MATERIAL FOR THIS TASK Block Start

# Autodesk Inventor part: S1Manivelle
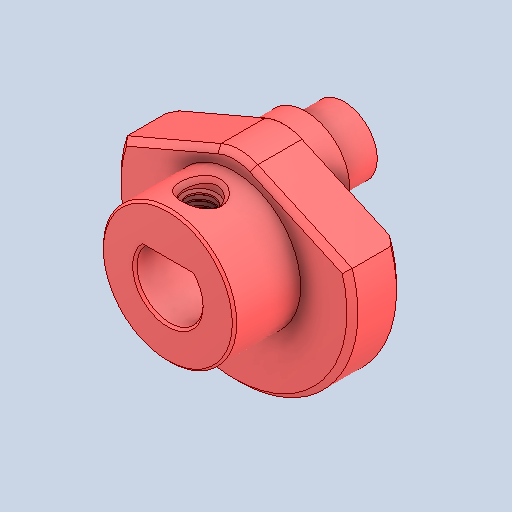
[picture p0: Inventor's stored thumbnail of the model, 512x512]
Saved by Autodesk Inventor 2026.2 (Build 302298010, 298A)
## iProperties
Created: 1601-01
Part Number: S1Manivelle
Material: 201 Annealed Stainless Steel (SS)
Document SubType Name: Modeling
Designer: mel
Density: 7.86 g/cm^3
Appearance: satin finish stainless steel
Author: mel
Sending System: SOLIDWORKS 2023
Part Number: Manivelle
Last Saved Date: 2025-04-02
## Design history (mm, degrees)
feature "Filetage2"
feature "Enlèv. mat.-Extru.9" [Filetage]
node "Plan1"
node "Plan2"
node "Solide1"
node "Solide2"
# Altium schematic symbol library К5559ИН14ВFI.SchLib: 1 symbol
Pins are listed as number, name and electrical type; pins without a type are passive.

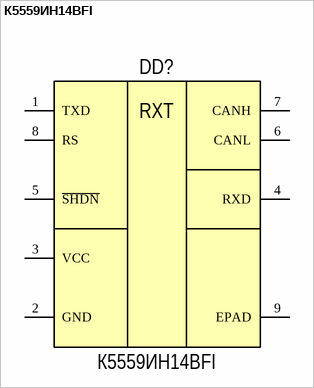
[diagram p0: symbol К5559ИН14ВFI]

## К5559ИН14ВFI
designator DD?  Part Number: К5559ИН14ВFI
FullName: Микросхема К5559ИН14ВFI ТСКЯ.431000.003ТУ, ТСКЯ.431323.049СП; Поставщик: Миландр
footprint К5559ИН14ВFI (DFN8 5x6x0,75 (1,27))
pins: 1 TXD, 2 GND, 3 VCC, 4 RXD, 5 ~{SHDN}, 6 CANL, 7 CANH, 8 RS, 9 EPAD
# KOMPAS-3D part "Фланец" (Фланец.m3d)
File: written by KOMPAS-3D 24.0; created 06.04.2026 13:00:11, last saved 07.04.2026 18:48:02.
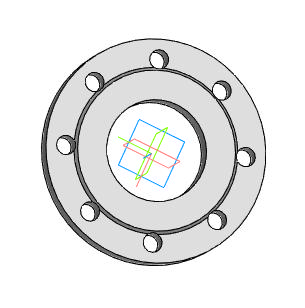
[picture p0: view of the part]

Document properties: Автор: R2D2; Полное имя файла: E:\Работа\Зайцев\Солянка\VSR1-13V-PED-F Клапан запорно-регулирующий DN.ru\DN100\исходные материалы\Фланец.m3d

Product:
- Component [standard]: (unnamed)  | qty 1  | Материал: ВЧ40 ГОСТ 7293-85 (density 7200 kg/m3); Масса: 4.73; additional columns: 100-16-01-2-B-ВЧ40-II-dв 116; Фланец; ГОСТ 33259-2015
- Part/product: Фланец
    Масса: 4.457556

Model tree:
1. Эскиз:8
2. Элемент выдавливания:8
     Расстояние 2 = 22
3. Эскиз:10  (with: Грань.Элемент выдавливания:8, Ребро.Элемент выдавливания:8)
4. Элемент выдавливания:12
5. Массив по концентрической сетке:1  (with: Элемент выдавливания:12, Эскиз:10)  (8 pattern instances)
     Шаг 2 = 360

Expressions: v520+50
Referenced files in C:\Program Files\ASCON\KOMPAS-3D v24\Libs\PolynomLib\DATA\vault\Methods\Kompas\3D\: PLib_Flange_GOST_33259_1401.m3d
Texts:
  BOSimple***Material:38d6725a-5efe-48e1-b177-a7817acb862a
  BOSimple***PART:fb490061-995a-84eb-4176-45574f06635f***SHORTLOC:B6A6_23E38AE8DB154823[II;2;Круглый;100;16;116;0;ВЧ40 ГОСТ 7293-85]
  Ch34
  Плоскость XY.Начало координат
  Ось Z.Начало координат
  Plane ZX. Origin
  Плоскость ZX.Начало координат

MATERIAL FOR THIS TASK Block End

(YOUR INSTRUCTIONS) With the pictures dropped, write out all of the entries word for word.

(COMPLETED EXERCISE)
# Autodesk Inventor part: S1Manivelle
[picture p0: Inventor's stored thumbnail of the model, 512x512]
Saved by Autodesk Inventor 2026.2 (Build 302298010, 298A)
## iProperties
Created: 1601-01
Part Number: S1Manivelle
Material: 201 Annealed Stainless Steel (SS)
Document SubType Name: Modeling
Designer: mel
Density: 7.86 g/cm^3
Appearance: satin finish stainless steel
Author: mel
Sending System: SOLIDWORKS 2023
Part Number: Manivelle
Last Saved Date: 2025-04-02
## Design history (mm, degrees)
feature "Filetage2"
feature "Enlèv. mat.-Extru.9" [Filetage]
node "Plan1"
node "Plan2"
node "Solide1"
node "Solide2"
# Altium schematic symbol library К5559ИН14ВFI.SchLib: 1 symbol
Pins are listed as number, name and electrical type; pins without a type are passive.

[diagram p0: symbol К5559ИН14ВFI]

## К5559ИН14ВFI
designator DD?  Part Number: К5559ИН14ВFI
FullName: Микросхема К5559ИН14ВFI ТСКЯ.431000.003ТУ, ТСКЯ.431323.049СП; Поставщик: Миландр
footprint К5559ИН14ВFI (DFN8 5x6x0,75 (1,27))
pins: 1 TXD, 2 GND, 3 VCC, 4 RXD, 5 ~{SHDN}, 6 CANL, 7 CANH, 8 RS, 9 EPAD
# KOMPAS-3D part "Фланец" (Фланец.m3d)
File: written by KOMPAS-3D 24.0; created 06.04.2026 13:00:11, last saved 07.04.2026 18:48:02.
[picture p0: view of the part]

Document properties: Автор: R2D2; Полное имя файла: E:\Работа\Зайцев\Солянка\VSR1-13V-PED-F Клапан запорно-регулирующий DN.ru\DN100\исходные материалы\Фланец.m3d

Product:
- Component [standard]: (unnamed)  | qty 1  | Материал: ВЧ40 ГОСТ 7293-85 (density 7200 kg/m3); Масса: 4.73; additional columns: 100-16-01-2-B-ВЧ40-II-dв 116; Фланец; ГОСТ 33259-2015
- Part/product: Фланец
    Масса: 4.457556

Model tree:
1. Эскиз:8
2. Элемент выдавливания:8
     Расстояние 2 = 22
3. Эскиз:10  (with: Грань.Элемент выдавливания:8, Ребро.Элемент выдавливания:8)
4. Элемент выдавливания:12
5. Массив по концентрической сетке:1  (with: Элемент выдавливания:12, Эскиз:10)  (8 pattern instances)
     Шаг 2 = 360

Expressions: v520+50
Referenced files in C:\Program Files\ASCON\KOMPAS-3D v24\Libs\PolynomLib\DATA\vault\Methods\Kompas\3D\: PLib_Flange_GOST_33259_1401.m3d
Texts:
  BOSimple***Material:38d6725a-5efe-48e1-b177-a7817acb862a
  BOSimple***PART:fb490061-995a-84eb-4176-45574f06635f***SHORTLOC:B6A6_23E38AE8DB154823[II;2;Круглый;100;16;116;0;ВЧ40 ГОСТ 7293-85]
  Ch34
  Плоскость XY.Начало координат
  Ось Z.Начало координат
  Plane ZX. Origin
  Плоскость ZX.Начало координат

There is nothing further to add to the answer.